Franz Hohler - Das Päckchen

  • Franz Hohler - Das Päckchen


    Inhalt:


    Bibliothekar Ernst Stricker möchte vom Berner Hauptbahnhof aus nur seine Frau Jacqueline anrufen, um ihr zu sagen, dass er mit einem späteren Zug zurückreisen wird. Als das Telefon in der Zelle nebenan zu läuten beginnt und sich niemand um ihn herum angesprochen zu fühlen scheint, nimmt er den Hörer ab. Die Stimme einer älteren Frau bittet ihn dringend, zu ihr zu kommen und ein Päckchen mitzunehmen. Zunächst zögert Ernst, doch dann geht er zur angegebenen Adresse und bekommt das Päckchen in die Hand gedrückt. Zuhause öffnet er es und findet darin eine verschollene Handschrift aus dem 8. Jahrhundert, ihr Wert ist unschätzbar. Ernst ist mehr als nur überrascht: wie kommt dieses Buch zu der alten Frau in der Berner Gerechtigkeitsgasse? Wem wollte sie es ursprünglich geben und vor allem: was soll er jetzt damit machen?


    Mein Leseeindruck:


    Von Franz Hohler kenne und liebe ich bisher nur seine Kurzgeschichtensammlungen und als ich diesen Roman entdeckte, war klar, dass ich ihn auch lesen möchte.

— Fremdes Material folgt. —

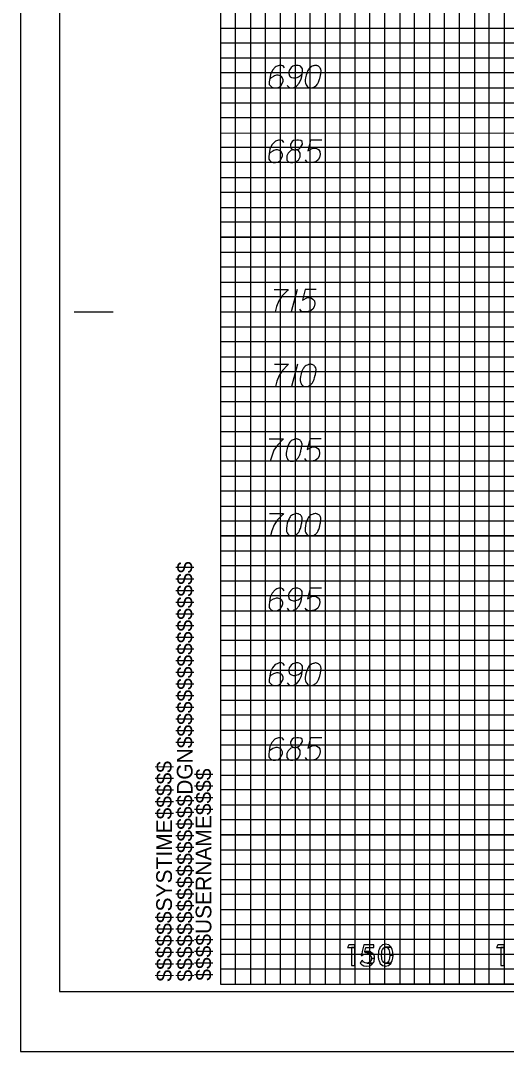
# Model space of a CAD drawing. Extents: x -13 to 323, y -5 to 1431.
# Drawn here: x -13.4 to 19.1, y 215.5 to 284.5 of the extents above; entities that cross this region are included whole.
import ezdxf

# ---------------------------------------------------------------- set-up
doc = ezdxf.new("R2010")
doc.units = 0
for name, color, linetype in [('Prop XS Elevation Labels', 7, 'Continuous'), ('Prop XS Offset Labels', 7, 'Continuous'), ('Sheet Cross Section CELL', 7, 'Continuous'), ('Sheet Cross Section Grid Major CELL', 7, 'Continuous'), ('Sheet Cross Section Grid Middle CELL', 7, 'Continuous'), ('Sheet Cross Section Grid Minor 1 CELL', 7, 'Continuous'), ('Sheet Cross Section Grid Minor 2 CELL', 7, 'Continuous'), ('Sheet Cutting Line CELL', 7, 'Continuous'), ('Sheet DOT Grid CELL', 7, 'Continuous'), ('Sheet Plot Border Inside CELL', 7, 'Continuous'), ('Sheet Plot Border Outside CELL', 7, 'Continuous')]:
    doc.layers.add(name, color=color, linetype=linetype)

msp = doc.modelspace()

# ---------------------------------------------------------------- linework, layer by layer
at = {"layer": 'Prop XS Elevation Labels'}
for p, q in [((5.124, 266.5), (4.723, 265)), ((5.142, 261.5), (4.74, 260))]:
    msp.add_line(p, q, dxfattribs=at)
for points in [[(4.28, 281.335), (4.185, 281.465), (4.079, 281.5), (3.914, 281.5), (3.795, 281.453), (3.725, 281.429), (3.666, 281.394), (3.477, 281.181), (3.347, 280.898), (3.311, 280.744), (3.264, 280.402), (3.264, 280.224), (3.311, 280.154), (3.406, 280.059), (3.441, 280.035), (3.559, 280), (3.713, 280), (3.831, 280.024), (3.914, 280.047), (4.032, 280.142), (4.15, 280.331), (4.185, 280.449), (4.185, 280.543), (4.126, 280.697), (4.079, 280.756), (3.996, 280.803), (3.854, 280.839), (3.748, 280.839), (3.618, 280.803), (3.536, 280.768), (3.394, 280.673), (3.323, 280.614), (3.288, 280.579)], [(4.468, 280.165), (4.563, 280.035), (4.669, 280), (4.835, 280), (4.953, 280.047), (5.024, 280.071), (5.083, 280.106), (5.272, 280.319), (5.401, 280.602), (5.437, 280.756), (5.484, 281.098), (5.484, 281.276), (5.437, 281.346), (5.342, 281.441), (5.307, 281.465), (5.189, 281.5), (5.036, 281.5), (4.917, 281.476), (4.835, 281.453), (4.717, 281.358), (4.598, 281.169), (4.563, 281.051), (4.563, 280.957), (4.622, 280.803), (4.669, 280.744), (4.752, 280.697), (4.894, 280.661), (5, 280.661), (5.13, 280.697), (5.213, 280.732), (5.354, 280.827), (5.425, 280.886), (5.461, 280.921)], [(6.382, 281.5), (6.358, 281.5), (6.287, 281.488), (6.24, 281.476), (6.204, 281.465), (6.145, 281.441), (6.074, 281.406), (6.015, 281.37), (5.956, 281.323), (5.921, 281.276), (5.885, 281.217), (5.85, 281.158), (5.815, 281.087), (5.791, 281.039), (5.767, 280.969), (5.732, 280.85), (5.697, 280.673), (5.673, 280.531), (5.673, 280.402), (5.685, 280.307), (5.732, 280.201), (5.767, 280.142), (5.827, 280.071), (5.897, 280.024), (5.933, 280.012), (6.004, 280), (6.063, 280), (6.157, 280.012), (6.24, 280.035), (6.299, 280.071), (6.382, 280.13), (6.417, 280.165), (6.464, 280.213), (6.5, 280.26), (6.523, 280.295), (6.547, 280.354), (6.559, 280.378), (6.582, 280.437), (6.606, 280.508), (6.63, 280.579), (6.642, 280.626), (6.653, 280.661), (6.665, 280.709), (6.689, 280.815), (6.701, 280.874), (6.712, 280.933), (6.724, 281.016), (6.736, 281.122), (6.736, 281.158), (6.724, 281.205), (6.712, 281.252), (6.677, 281.323), (6.642, 281.37), (6.606, 281.406), (6.559, 281.441), (6.512, 281.465), (6.476, 281.476), (6.441, 281.488), (6.382, 281.5)], [(4.238, 276.335), (4.144, 276.465), (4.038, 276.5), (3.872, 276.5), (3.754, 276.453), (3.683, 276.429), (3.624, 276.394), (3.435, 276.181), (3.305, 275.898), (3.27, 275.744), (3.223, 275.402), (3.223, 275.224), (3.27, 275.154), (3.364, 275.059), (3.4, 275.035), (3.518, 275), (3.671, 275), (3.79, 275.024), (3.872, 275.047), (3.99, 275.142), (4.108, 275.331), (4.144, 275.449), (4.144, 275.543), (4.085, 275.697), (4.038, 275.756), (3.955, 275.803), (3.813, 275.839), (3.707, 275.839), (3.577, 275.803), (3.494, 275.768), (3.352, 275.673), (3.282, 275.614), (3.246, 275.579)], [(4.899, 275.85), (5.065, 275.85), (5.112, 275.862), (5.254, 275.921), (5.36, 276.016), (5.478, 276.24), (5.466, 276.406), (5.384, 276.465), (5.218, 276.5), (5.1, 276.5), (4.876, 276.465), (4.805, 276.406), (4.687, 276.228), (4.675, 276.169), (4.699, 275.992), (4.746, 275.921), (4.899, 275.85), (4.711, 275.803), (4.533, 275.626), (4.439, 275.449), (4.427, 275.39), (4.439, 275.165), (4.545, 275.047), (4.687, 275), (4.829, 275), (5.053, 275.059), (5.218, 275.165), (5.325, 275.378), (5.337, 275.449), (5.325, 275.638), (5.23, 275.803), (5.065, 275.85)], [(6.777, 276.5), (6.033, 276.5), (5.844, 275.791), (6.187, 275.969), (6.388, 275.969), (6.553, 275.862), (6.648, 275.744), (6.671, 275.543), (6.636, 275.342), (6.541, 275.177), (6.376, 275.047), (6.092, 275), (5.88, 275), (5.773, 275.047), (5.679, 275.177)], [(3.589, 266.5), (4.533, 266.5), (4.474, 266.441), (4.132, 266.075), (3.896, 265.744), (3.754, 265.354), (3.659, 265)], [(6.411, 266.5), (5.667, 266.5), (5.478, 265.791), (5.821, 265.969), (6.022, 265.969), (6.187, 265.862), (6.282, 265.744), (6.305, 265.543), (6.27, 265.342), (6.175, 265.177), (6.01, 265.047), (5.726, 265), (5.514, 265), (5.408, 265.047), (5.313, 265.177)], [(3.606, 261.5), (4.551, 261.5), (4.492, 261.441), (4.149, 261.075), (3.913, 260.744), (3.772, 260.354), (3.677, 260)], [(6.039, 261.5), (6.016, 261.5), (5.945, 261.488), (5.898, 261.476), (5.862, 261.465), (5.803, 261.441), (5.732, 261.406), (5.673, 261.37), (5.614, 261.323), (5.579, 261.276), (5.543, 261.217), (5.508, 261.158), (5.472, 261.087), (5.449, 261.039), (5.425, 260.969), (5.39, 260.85), (5.354, 260.673), (5.331, 260.531), (5.331, 260.402), (5.343, 260.307), (5.39, 260.201), (5.425, 260.142), (5.484, 260.071), (5.555, 260.024), (5.591, 260.012), (5.661, 260), (5.72, 260), (5.815, 260.012), (5.898, 260.035), (5.957, 260.071), (6.039, 260.13), (6.075, 260.165), (6.122, 260.213), (6.157, 260.26), (6.181, 260.295), (6.205, 260.354), (6.217, 260.378), (6.24, 260.437), (6.264, 260.508), (6.287, 260.579), (6.299, 260.626), (6.311, 260.661), (6.323, 260.709), (6.347, 260.815), (6.358, 260.874), (6.37, 260.933), (6.382, 261.016), (6.394, 261.122), (6.394, 261.158), (6.382, 261.205), (6.37, 261.252), (6.335, 261.323), (6.299, 261.37), (6.264, 261.406), (6.217, 261.441), (6.169, 261.465), (6.134, 261.476), (6.098, 261.488), (6.039, 261.5)], [(3.258, 256.5), (4.203, 256.5), (4.144, 256.441), (3.801, 256.075), (3.565, 255.744), (3.423, 255.354), (3.329, 255)], [(5.1, 256.5), (5.077, 256.5), (5.006, 256.488), (4.959, 256.476), (4.923, 256.465), (4.864, 256.441), (4.793, 256.406), (4.734, 256.37), (4.675, 256.323), (4.64, 256.276), (4.604, 256.217), (4.569, 256.158), (4.534, 256.087), (4.51, 256.039), (4.486, 255.969), (4.451, 255.85), (4.415, 255.673), (4.392, 255.531), (4.392, 255.402), (4.404, 255.307), (4.451, 255.201), (4.486, 255.142), (4.545, 255.071), (4.616, 255.024), (4.652, 255.012), (4.723, 255), (4.781, 255), (4.876, 255.012), (4.959, 255.035), (5.018, 255.071), (5.1, 255.13), (5.136, 255.165), (5.183, 255.213), (5.219, 255.26), (5.242, 255.295), (5.266, 255.354), (5.278, 255.378), (5.301, 255.437), (5.325, 255.508), (5.349, 255.579), (5.36, 255.626), (5.372, 255.661), (5.384, 255.709), (5.408, 255.815), (5.419, 255.874), (5.431, 255.933), (5.443, 256.016), (5.455, 256.122), (5.455, 256.158), (5.443, 256.205), (5.431, 256.252), (5.396, 256.323), (5.36, 256.37), (5.325, 256.406), (5.278, 256.441), (5.23, 256.465), (5.195, 256.476), (5.16, 256.488), (5.1, 256.5)], [(6.742, 256.5), (5.998, 256.5), (5.809, 255.791), (6.152, 255.969), (6.352, 255.969), (6.518, 255.862), (6.612, 255.744), (6.636, 255.543), (6.6, 255.342), (6.506, 255.177), (6.341, 255.047), (6.057, 255), (5.845, 255), (5.738, 255.047), (5.644, 255.177)], [(3.276, 251.5), (4.22, 251.5), (4.161, 251.441), (3.819, 251.075), (3.583, 250.744), (3.441, 250.354), (3.346, 250)], [(5.118, 251.5), (5.094, 251.5), (5.024, 251.488), (4.977, 251.476), (4.941, 251.465), (4.882, 251.441), (4.811, 251.406), (4.752, 251.37), (4.693, 251.323), (4.658, 251.276), (4.622, 251.217), (4.587, 251.158), (4.551, 251.087), (4.528, 251.039), (4.504, 250.969), (4.469, 250.85), (4.433, 250.673), (4.409, 250.531), (4.409, 250.402), (4.421, 250.307), (4.469, 250.201), (4.504, 250.142), (4.563, 250.071), (4.634, 250.024), (4.669, 250.012), (4.74, 250), (4.799, 250), (4.894, 250.012), (4.977, 250.035), (5.036, 250.071), (5.118, 250.13), (5.154, 250.165), (5.201, 250.213), (5.236, 250.26), (5.26, 250.295), (5.283, 250.354), (5.295, 250.378), (5.319, 250.437), (5.342, 250.508), (5.366, 250.579), (5.378, 250.626), (5.39, 250.661), (5.402, 250.709), (5.425, 250.815), (5.437, 250.874), (5.449, 250.933), (5.461, 251.016), (5.473, 251.122), (5.473, 251.158), (5.461, 251.205), (5.449, 251.252), (5.413, 251.323), (5.378, 251.37), (5.342, 251.406), (5.295, 251.441), (5.248, 251.465), (5.213, 251.476), (5.177, 251.488), (5.118, 251.5)], [(6.37, 251.5), (6.346, 251.5), (6.276, 251.488), (6.228, 251.476), (6.193, 251.465), (6.134, 251.441), (6.063, 251.406), (6.004, 251.37), (5.945, 251.323), (5.909, 251.276), (5.874, 251.217), (5.838, 251.158), (5.803, 251.087), (5.779, 251.039), (5.756, 250.969), (5.721, 250.85), (5.685, 250.673), (5.661, 250.531), (5.661, 250.402), (5.673, 250.307), (5.721, 250.201), (5.756, 250.142), (5.815, 250.071), (5.886, 250.024), (5.921, 250.012), (5.992, 250), (6.051, 250), (6.146, 250.012), (6.228, 250.035), (6.287, 250.071), (6.37, 250.13), (6.406, 250.165), (6.453, 250.213), (6.488, 250.26), (6.512, 250.295), (6.535, 250.354), (6.547, 250.378), (6.571, 250.437), (6.594, 250.508), (6.618, 250.579), (6.63, 250.626), (6.642, 250.661), (6.653, 250.709), (6.677, 250.815), (6.689, 250.874), (6.701, 250.933), (6.713, 251.016), (6.724, 251.122), (6.724, 251.158), (6.713, 251.205), (6.701, 251.252), (6.665, 251.323), (6.63, 251.37), (6.594, 251.406), (6.547, 251.441), (6.5, 251.465), (6.464, 251.476), (6.429, 251.488), (6.37, 251.5)], [(4.262, 246.335), (4.168, 246.465), (4.061, 246.5), (3.896, 246.5), (3.778, 246.453), (3.707, 246.429), (3.648, 246.394), (3.459, 246.181), (3.329, 245.898), (3.294, 245.744), (3.246, 245.402), (3.246, 245.224), (3.294, 245.154), (3.388, 245.059), (3.423, 245.035), (3.542, 245), (3.695, 245), (3.813, 245.024), (3.896, 245.047), (4.014, 245.142), (4.132, 245.331), (4.168, 245.449), (4.168, 245.543), (4.109, 245.697), (4.061, 245.756), (3.979, 245.803), (3.837, 245.839), (3.73, 245.839), (3.601, 245.803), (3.518, 245.768), (3.376, 245.673), (3.305, 245.614), (3.27, 245.579)], [(4.451, 245.165), (4.545, 245.035), (4.652, 245), (4.817, 245), (4.935, 245.047), (5.006, 245.071), (5.065, 245.106), (5.254, 245.319), (5.384, 245.602), (5.419, 245.756), (5.467, 246.098), (5.467, 246.276), (5.419, 246.346), (5.325, 246.441), (5.289, 246.465), (5.171, 246.5), (5.018, 246.5), (4.9, 246.476), (4.817, 246.453), (4.699, 246.358), (4.581, 246.169), (4.545, 246.051), (4.545, 245.957), (4.604, 245.803), (4.652, 245.744), (4.734, 245.697), (4.876, 245.661), (4.982, 245.661), (5.112, 245.697), (5.195, 245.732), (5.337, 245.827), (5.408, 245.886), (5.443, 245.921)], [(6.754, 246.5), (6.01, 246.5), (5.821, 245.791), (6.163, 245.969), (6.364, 245.969), (6.529, 245.862), (6.624, 245.744), (6.647, 245.543), (6.612, 245.342), (6.517, 245.177), (6.352, 245.047), (6.069, 245), (5.856, 245), (5.75, 245.047), (5.655, 245.177)], [(4.28, 241.335), (4.185, 241.465), (4.079, 241.5), (3.914, 241.5), (3.795, 241.453), (3.725, 241.429), (3.666, 241.394), (3.477, 241.181), (3.347, 240.898), (3.311, 240.744), (3.264, 240.402), (3.264, 240.224), (3.311, 240.154), (3.406, 240.059), (3.441, 240.035), (3.559, 240), (3.713, 240), (3.831, 240.024), (3.914, 240.047), (4.032, 240.142), (4.15, 240.331), (4.185, 240.449), (4.185, 240.543), (4.126, 240.697), (4.079, 240.756), (3.996, 240.803), (3.854, 240.839), (3.748, 240.839), (3.618, 240.803), (3.536, 240.768), (3.394, 240.673), (3.323, 240.614), (3.288, 240.579)], [(4.468, 240.165), (4.563, 240.035), (4.669, 240), (4.835, 240), (4.953, 240.047), (5.024, 240.071), (5.083, 240.106), (5.272, 240.319), (5.401, 240.602), (5.437, 240.756), (5.484, 241.098), (5.484, 241.276), (5.437, 241.346), (5.342, 241.441), (5.307, 241.465), (5.189, 241.5), (5.036, 241.5), (4.917, 241.476), (4.835, 241.453), (4.717, 241.358), (4.598, 241.169), (4.563, 241.051), (4.563, 240.957), (4.622, 240.803), (4.669, 240.744), (4.752, 240.697), (4.894, 240.661), (5, 240.661), (5.13, 240.697), (5.213, 240.732), (5.354, 240.827), (5.425, 240.886), (5.461, 240.921)], [(6.382, 241.5), (6.358, 241.5), (6.287, 241.488), (6.24, 241.476), (6.204, 241.465), (6.145, 241.441), (6.074, 241.406), (6.015, 241.37), (5.956, 241.323), (5.921, 241.276), (5.885, 241.217), (5.85, 241.158), (5.815, 241.087), (5.791, 241.039), (5.767, 240.969), (5.732, 240.85), (5.697, 240.673), (5.673, 240.531), (5.673, 240.402), (5.685, 240.307), (5.732, 240.201), (5.767, 240.142), (5.827, 240.071), (5.897, 240.024), (5.933, 240.012), (6.004, 240), (6.063, 240), (6.157, 240.012), (6.24, 240.035), (6.299, 240.071), (6.382, 240.13), (6.417, 240.165), (6.464, 240.213), (6.5, 240.26), (6.523, 240.295), (6.547, 240.354), (6.559, 240.378), (6.582, 240.437), (6.606, 240.508), (6.63, 240.579), (6.642, 240.626), (6.653, 240.661), (6.665, 240.709), (6.689, 240.815), (6.701, 240.874), (6.712, 240.933), (6.724, 241.016), (6.736, 241.122), (6.736, 241.158), (6.724, 241.205), (6.712, 241.252), (6.677, 241.323), (6.642, 241.37), (6.606, 241.406), (6.559, 241.441), (6.512, 241.465), (6.476, 241.476), (6.441, 241.488), (6.382, 241.5)], [(4.238, 236.335), (4.144, 236.465), (4.038, 236.5), (3.872, 236.5), (3.754, 236.453), (3.683, 236.429), (3.624, 236.394), (3.435, 236.181), (3.305, 235.898), (3.27, 235.744), (3.223, 235.402), (3.223, 235.224), (3.27, 235.154), (3.364, 235.059), (3.4, 235.035), (3.518, 235), (3.671, 235), (3.79, 235.024), (3.872, 235.047), (3.99, 235.142), (4.108, 235.331), (4.144, 235.449), (4.144, 235.543), (4.085, 235.697), (4.038, 235.756), (3.955, 235.803), (3.813, 235.839), (3.707, 235.839), (3.577, 235.803), (3.494, 235.768), (3.352, 235.673), (3.282, 235.614), (3.246, 235.579)], [(4.899, 235.85), (5.065, 235.85), (5.112, 235.862), (5.254, 235.921), (5.36, 236.016), (5.478, 236.24), (5.466, 236.406), (5.384, 236.465), (5.218, 236.5), (5.1, 236.5), (4.876, 236.465), (4.805, 236.406), (4.687, 236.228), (4.675, 236.169), (4.699, 235.992), (4.746, 235.921), (4.899, 235.85), (4.711, 235.803), (4.533, 235.626), (4.439, 235.449), (4.427, 235.39), (4.439, 235.165), (4.545, 235.047), (4.687, 235), (4.829, 235), (5.053, 235.059), (5.218, 235.165), (5.325, 235.378), (5.337, 235.449), (5.325, 235.638), (5.23, 235.803), (5.065, 235.85)], [(6.777, 236.5), (6.033, 236.5), (5.844, 235.791), (6.187, 235.969), (6.388, 235.969), (6.553, 235.862), (6.648, 235.744), (6.671, 235.543), (6.636, 235.342), (6.541, 235.177), (6.376, 235.047), (6.092, 235), (5.88, 235), (5.773, 235.047), (5.679, 235.177)]]:
    msp.add_lwpolyline(points, dxfattribs=at)
at = {"layer": 'Prop XS Offset Labels'}
for points in [[(8.581, 222.641), (8.492, 222.459), (8.99, 222.459), (8.99, 222.641)], [(8.781, 222.459), (8.781, 221.25), (8.99, 221.25), (8.99, 222.459)], [(9.427, 221.94), (9.424, 221.928), (9.495, 221.928), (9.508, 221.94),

    Aus den Kurzgeschichten wusste ich schon, dass Hohler gerne ganz normale Menschen in absonderliche Abenteuer schickt und sie dort handeln lässt, als wäre an der Situation überhaupt nichts Besonderes. Das macht er hier auch, und einfach dadurch, dass ein Mann noch etwas Zeit bis zur Abfahrt seines Zuges hat und ein geheimnisvolles Päckchen mitnimmt, kommt ein Stein ins Rollen. Doch der Stein donnert nicht wie eine Lawine ins Tal, er rollt gemächlich, aber unausweichlich in eine Richtung, die von keiner der handelnden Personen aktiv geändert werden kann. Alles erscheint folgerichtig und ist gleichzeitig doch komplett absurd.


    Die Geschichte wird auf zwei Zeitebenen erzählt. Einmal folgen wir im Heute dem Bibliothekaren Ernst Stricker, der dem Geheimnis der Handschrift auf den Grund gehen will und sich dabei auch selbst in Gefahr bringt. In der zweiten Zeitebene, die im 8. Jahrhundert angesiedelt ist, lernen wir den Mönch Heimo kennen, der für seinen Abt eine Handschrift erstellen muss und diese zum Kloster Montecassino nach Italien bringen soll. Normalerweise mag ich zwei Zeitebenen gar nicht so, denn oft ist eine viel interessanter als die andere, die dann nur beim Lesen stört. Hier fand ich beide Geschichten sehr spannend und gleichwertig nebeneinander gestellt. Das Ende, in dem Hohler die Fäden zusammenführt, habe ich als sehr versöhnlich empfunden.


    Hohlers Schreibstil ist eher trocken. Das passt ganz hervorragend zu der Geschichte, denn genau das macht das Absurde so normal, dass man als Leser gar nicht mehr weiß, was man von der Sache halten soll.


    Für dieses Buch kann ich eine klare Leseempfehlung aussprechen, das Lesen hat sich für mich sehr gelohnt.